Identities and Butterflies

on August 2nd, 2008

Identity is not easy to define. Lots of smart people have been thinking, talking, and writing about identity for years. See Kim Cameron’s blog for lots of resources from academics and practitioners. Unfortunately, most of these definitions are indigestible by mere mortals. Identity, it seems, is one of these deceptively deep ideas. 

Dave Snowden’s takes an interesting approach. He lays out several criteria for identity — the roles you play, the “blurriness” of your identity, and how your identity changes over time. What struck me as interesting is how Professor Snowden borrows from chaos theory: “Identity in human systems is a strange attractor.” What?

A strange attractor is chaos theory jargon for a system that changes unpredictably when events change just a little. The weather is a common example — little disturbances can create big changes in the weather. As Edward Lorenz colorfully put it in 1972 when describing the butterfly effect: “A butterfly flapping its wings in Brazil can cause a tornado in Texas.”
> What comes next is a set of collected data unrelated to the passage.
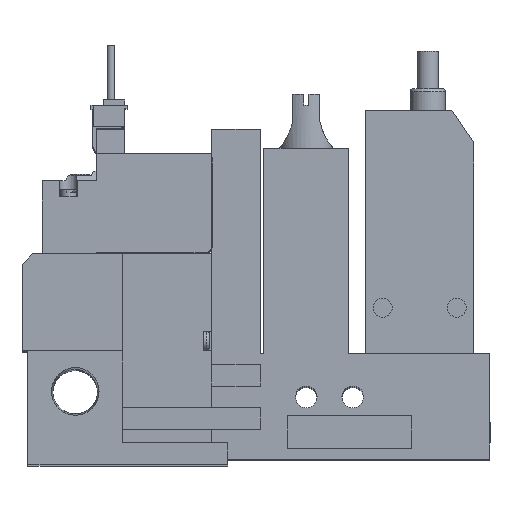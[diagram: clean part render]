
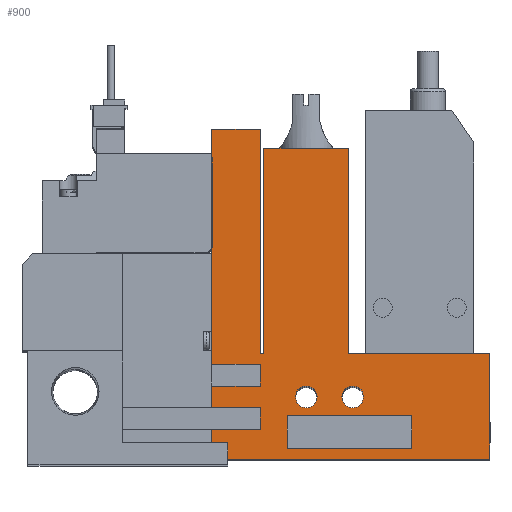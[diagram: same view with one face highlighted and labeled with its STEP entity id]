
A CAD part, top view. The second image highlights one B-rep face of the part: STEP entity #900.
In plain terms, the highlighted planar face has unit normal (0, 0, 1).
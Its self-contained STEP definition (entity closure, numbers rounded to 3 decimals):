
#900=ADVANCED_FACE('',(#1771,#1772,#1773,#1774),#1775,.T.);
#1771=FACE_OUTER_BOUND('',#2951,.T.);
#1772=FACE_BOUND('',#2952,.T.);
#1773=FACE_BOUND('',#2953,.T.);
#1774=FACE_BOUND('',#2954,.T.);
#1775=PLANE('',#2955);
#2951=EDGE_LOOP('',(#6048,#6049,#6050,#6051,#6052,#6053,#6054,#6055,#6056,#6057,#6058,#6059,#6060,#6061,#6062,#6063,#6064,#6065));
#2952=EDGE_LOOP('',(#6066,#6067,#6068,#6069));
#2953=EDGE_LOOP('',(#6070));
#2954=EDGE_LOOP('',(#6071));
#2955=AXIS2_PLACEMENT_3D('',#6072,#6073,#6074);
#6048=ORIENTED_EDGE('',*,*,#8036,.T.);
#6049=ORIENTED_EDGE('',*,*,#8071,.T.);
#6050=ORIENTED_EDGE('',*,*,#7987,.T.);
#6051=ORIENTED_EDGE('',*,*,#8073,.T.);
#6052=ORIENTED_EDGE('',*,*,#7935,.T.);
#6053=ORIENTED_EDGE('',*,*,#8086,.T.);
#6054=ORIENTED_EDGE('',*,*,#8020,.T.);
#6055=ORIENTED_EDGE('',*,*,#8077,.T.);
#6056=ORIENTED_EDGE('',*,*,#8076,.T.);
#6057=ORIENTED_EDGE('',*,*,#8007,.T.);
#6058=ORIENTED_EDGE('',*,*,#7989,.T.);
#6059=ORIENTED_EDGE('',*,*,#8064,.T.);
#6060=ORIENTED_EDGE('',*,*,#8087,.T.);
#6061=ORIENTED_EDGE('',*,*,#8068,.T.);
#6062=ORIENTED_EDGE('',*,*,#8083,.T.);
#6063=ORIENTED_EDGE('',*,*,#7995,.T.);
#6064=ORIENTED_EDGE('',*,*,#8084,.T.);
#6065=ORIENTED_EDGE('',*,*,#8081,.T.);
#6066=ORIENTED_EDGE('',*,*,#7921,.T.);
#6067=ORIENTED_EDGE('',*,*,#7914,.T.);
#6068=ORIENTED_EDGE('',*,*,#8080,.T.);
#6069=ORIENTED_EDGE('',*,*,#8015,.T.);
#6070=ORIENTED_EDGE('',*,*,#8042,.T.);
#6071=ORIENTED_EDGE('',*,*,#8041,.T.);
#6072=CARTESIAN_POINT('',(0.0,0.0,10.0));
#6073=DIRECTION('',(0.0,0.0,1.0));
#6074=DIRECTION('',(1.0,0.0,0.0));
#7914=EDGE_CURVE('',#9538,#9543,#9545,.T.);
#7921=EDGE_CURVE('',#9554,#9538,#9558,.T.);
#7935=EDGE_CURVE('',#9585,#9583,#9586,.T.);
#7987=EDGE_CURVE('',#9674,#9679,#9681,.T.);
#7989=EDGE_CURVE('',#9684,#9682,#9685,.T.);
#7995=EDGE_CURVE('',#9694,#9692,#9695,.T.);
#8007=EDGE_CURVE('',#9713,#9684,#9714,.T.);
#8015=EDGE_CURVE('',#9722,#9554,#9726,.T.);
#8020=EDGE_CURVE('',#9728,#9733,#9735,.T.);
#8036=EDGE_CURVE('',#9761,#9759,#9762,.T.);
#8041=EDGE_CURVE('',#9770,#9770,#9771,.T.);
#8042=EDGE_CURVE('',#9772,#9772,#9773,.T.);
#8064=EDGE_CURVE('',#9682,#9800,#9802,.T.);
#8068=EDGE_CURVE('',#9807,#9805,#9808,.T.);
#8071=EDGE_CURVE('',#9759,#9674,#9811,.T.);
#8073=EDGE_CURVE('',#9679,#9585,#9813,.T.);
#8076=EDGE_CURVE('',#9815,#9713,#9817,.T.);
#8077=EDGE_CURVE('',#9733,#9815,#9818,.T.);
#8080=EDGE_CURVE('',#9543,#9722,#9822,.T.);
#8081=EDGE_CURVE('',#9823,#9761,#9824,.T.);
#8083=EDGE_CURVE('',#9805,#9694,#9826,.T.);
#8084=EDGE_CURVE('',#9692,#9823,#9827,.T.);
#8086=EDGE_CURVE('',#9583,#9728,#9829,.T.);
#8087=EDGE_CURVE('',#9800,#9807,#9830,.T.);
#9538=VERTEX_POINT('',#12173);
#9543=VERTEX_POINT('',#12180);
#9545=LINE('',#12183,#12184);
#9554=VERTEX_POINT('',#12197);
#9558=LINE('',#12203,#12204);
#9583=VERTEX_POINT('',#12241);
#9585=VERTEX_POINT('',#12244);
#9586=LINE('',#12245,#12246);
#9674=VERTEX_POINT('',#12378);
#9679=VERTEX_POINT('',#12385);
#9681=LINE('',#12388,#12389);
#9682=VERTEX_POINT('',#12390);
#9684=VERTEX_POINT('',#12393);
#9685=LINE('',#12394,#12395);
#9692=VERTEX_POINT('',#12406);
#9694=VERTEX_POINT('',#12409);
#9695=LINE('',#12410,#12411);
#9713=VERTEX_POINT('',#12440);
#9714=LINE('',#12441,#12442);
#9722=VERTEX_POINT('',#12455);
#9726=LINE('',#12461,#12462);
#9728=VERTEX_POINT('',#12465);
#9733=VERTEX_POINT('',#12472);
#9735=LINE('',#12475,#12476);
#9759=VERTEX_POINT('',#12510);
#9761=VERTEX_POINT('',#12513);
#9762=LINE('',#12514,#12515);
#9770=VERTEX_POINT('',#12524);
#9771=CIRCLE('',#12525,2.0);
#9772=VERTEX_POINT('',#12526);
#9773=CIRCLE('',#12527,2.0);
#9800=VERTEX_POINT('',#12572);
#9802=LINE('',#12575,#12576);
#9805=VERTEX_POINT('',#12581);
#9807=VERTEX_POINT('',#12584);
#9808=LINE('',#12585,#12586);
#9811=LINE('',#12591,#12592);
#9813=LINE('',#12595,#12596);
#9815=VERTEX_POINT('',#12599);
#9817=LINE('',#12602,#12603);
#9818=LINE('',#12604,#12605);
#9822=LINE('',#12611,#12612);
#9823=VERTEX_POINT('',#12613);
#9824=LINE('',#12614,#12615);
#9826=LINE('',#12618,#12619);
#9827=LINE('',#12620,#12621);
#9829=LINE('',#12624,#12625);
#9830=LINE('',#12626,#12627);
#12173=CARTESIAN_POINT('',(49.1,8.0,10.0));
#12180=CARTESIAN_POINT('',(72.1,8.0,10.0));
#12183=CARTESIAN_POINT('',(0.0,8.0,10.0));
#12184=VECTOR('',#14492,1.0);
#12197=CARTESIAN_POINT('',(49.1,2.0,10.0));
#12203=CARTESIAN_POINT('',(49.1,0.0,10.0));
#12204=VECTOR('',#14499,1.0);
#12241=CARTESIAN_POINT('',(35.1,9.5,10.0));
#12244=CARTESIAN_POINT('',(35.1,13.5,10.0));
#12245=CARTESIAN_POINT('',(35.1,0.0,10.0));
#12246=VECTOR('',#14513,1.0);
#12378=CARTESIAN_POINT('',(44.1,17.5,10.0));
#12385=CARTESIAN_POINT('',(44.1,13.5,10.0));
#12388=CARTESIAN_POINT('',(44.1,0.0,10.0));
#12389=VECTOR('',#14573,1.0);
#12390=CARTESIAN_POINT('',(86.6,19.5,10.0));
#12393=CARTESIAN_POINT('',(86.6,0.0,10.0));
#12394=CARTESIAN_POINT('',(86.6,0.0,10.0));
#12395=VECTOR('',#14575,1.0);
#12406=CARTESIAN_POINT('',(44.1,19.5,10.0));
#12409=CARTESIAN_POINT('',(44.75,19.5,10.0));
#12410=CARTESIAN_POINT('',(44.75,19.5,10.0));
#12411=VECTOR('',#14581,1.0);
#12440=CARTESIAN_POINT('',(35.1,0.0,10.0));
#12441=CARTESIAN_POINT('',(18.6,0.0,10.0));
#12442=VECTOR('',#14593,1.0);
#12455=CARTESIAN_POINT('',(72.1,2.0,10.0));
#12461=CARTESIAN_POINT('',(0.0,2.0,10.0));
#12462=VECTOR('',#14601,1.0);
#12465=CARTESIAN_POINT('',(44.1,9.5,10.0));
#12472=CARTESIAN_POINT('',(44.1,5.5,10.0));
#12475=CARTESIAN_POINT('',(44.1,0.0,10.0));
#12476=VECTOR('',#14606,1.0);
#12510=CARTESIAN_POINT('',(35.1,17.5,10.0));
#12513=CARTESIAN_POINT('',(35.1,61.0,10.0));
#12514=CARTESIAN_POINT('',(35.1,61.0,10.0));
#12515=VECTOR('',#14630,1.0);
#12524=CARTESIAN_POINT('',(63.2,11.5,10.0));
#12525=AXIS2_PLACEMENT_3D('',#14641,#14642,#14643);
#12526=CARTESIAN_POINT('',(54.6,11.5,10.0));
#12527=AXIS2_PLACEMENT_3D('',#14644,#14645,#14646);
#12572=CARTESIAN_POINT('',(60.45,19.5,10.0));
#12575=CARTESIAN_POINT('',(86.6,19.5,10.0));
#12576=VECTOR('',#14669,1.0);
#12581=CARTESIAN_POINT('',(44.75,57.5,10.0));
#12584=CARTESIAN_POINT('',(60.45,57.5,10.0));
#12585=CARTESIAN_POINT('',(60.45,57.5,10.0));
#12586=VECTOR('',#14673,1.0);
#12591=CARTESIAN_POINT('',(0.0,17.5,10.0));
#12592=VECTOR('',#14676,1.0);
#12595=CARTESIAN_POINT('',(0.0,13.5,10.0));
#12596=VECTOR('',#14678,1.0);
#12599=CARTESIAN_POINT('',(35.1,5.5,10.0));
#12602=CARTESIAN_POINT('',(35.1,0.0,10.0));
#12603=VECTOR('',#14681,1.0);
#12604=CARTESIAN_POINT('',(0.0,5.5,10.0));
#12605=VECTOR('',#14682,1.0);
#12611=CARTESIAN_POINT('',(72.1,0.0,10.0));
#12612=VECTOR('',#14685,1.0);
#12613=CARTESIAN_POINT('',(44.1,61.0,10.0));
#12614=CARTESIAN_POINT('',(44.1,61.0,10.0));
#12615=VECTOR('',#14686,1.0);
#12618=CARTESIAN_POINT('',(44.75,57.5,10.0));
#12619=VECTOR('',#14688,1.0);
#12620=CARTESIAN_POINT('',(44.1,19.5,10.0));
#12621=VECTOR('',#14689,1.0);
#12624=CARTESIAN_POINT('',(0.0,9.5,10.0));
#12625=VECTOR('',#14691,1.0);
#12626=CARTESIAN_POINT('',(60.45,19.5,10.0));
#12627=VECTOR('',#14692,1.0);
#14492=DIRECTION('',(1.0,0.0,0.0));
#14499=DIRECTION('',(0.0,1.0,0.0));
#14513=DIRECTION('',(0.0,-1.0,0.0));
#14573=DIRECTION('',(0.0,-1.0,0.0));
#14575=DIRECTION('',(0.0,1.0,0.0));
#14581=DIRECTION('',(-1.0,0.0,0.0));
#14593=DIRECTION('',(1.0,0.0,0.0));
#14601=DIRECTION('',(-1.0,0.0,0.0));
#14606=DIRECTION('',(0.0,-1.0,0.0));
#14630=DIRECTION('',(0.0,-1.0,0.0));
#14641=CARTESIAN_POINT('',(61.2,11.5,10.0));
#14642=DIRECTION('',(0.0,0.0,-1.0));
#14643=DIRECTION('',(1.0,0.0,0.0));
#14644=CARTESIAN_POINT('',(52.6,11.5,10.0));
#14645=DIRECTION('',(0.0,0.0,-1.0));
#14646=DIRECTION('',(1.0,0.0,0.0));
#14669=DIRECTION('',(-1.0,0.0,0.0));
#14673=DIRECTION('',(-1.0,0.0,0.0));
#14676=DIRECTION('',(1.0,0.0,0.0));
#14678=DIRECTION('',(-1.0,0.0,0.0));
#14681=DIRECTION('',(0.0,-1.0,0.0));
#14682=DIRECTION('',(-1.0,0.0,0.0));
#14685=DIRECTION('',(0.0,-1.0,0.0));
#14686=DIRECTION('',(-1.0,0.0,0.0));
#14688=DIRECTION('',(0.0,-1.0,0.0));
#14689=DIRECTION('',(0.0,1.0,0.0));
#14691=DIRECTION('',(1.0,0.0,0.0));
#14692=DIRECTION('',(0.0,1.0,0.0));

What does this have to do with identity? Well, identity is chaotic, strange, and changes in big ways on small events. For example, consider becoming a parent. It depends on a single romantic moment. That single moment not only creates an identity where none was before. It also transforms you into a parent and forever changes parents into grandparents, sisters into aunts, etc.

Of course, identity is not just limited to individuals. Groups have identities too. The American identity shifted dramatically on November 7, 2000 when George Bush won the US election by just 537 votes, or 0.009%, in Florida. By many accounts, the election swung on the design of the butterfly ballot, an ironic coincidence with chaos theory’s butterfly effect.

For your online identity, the challenge is to naturally and safely use your identity in all its complexity, and seamlessly deal with the chaotic change that invariable happens to it over time.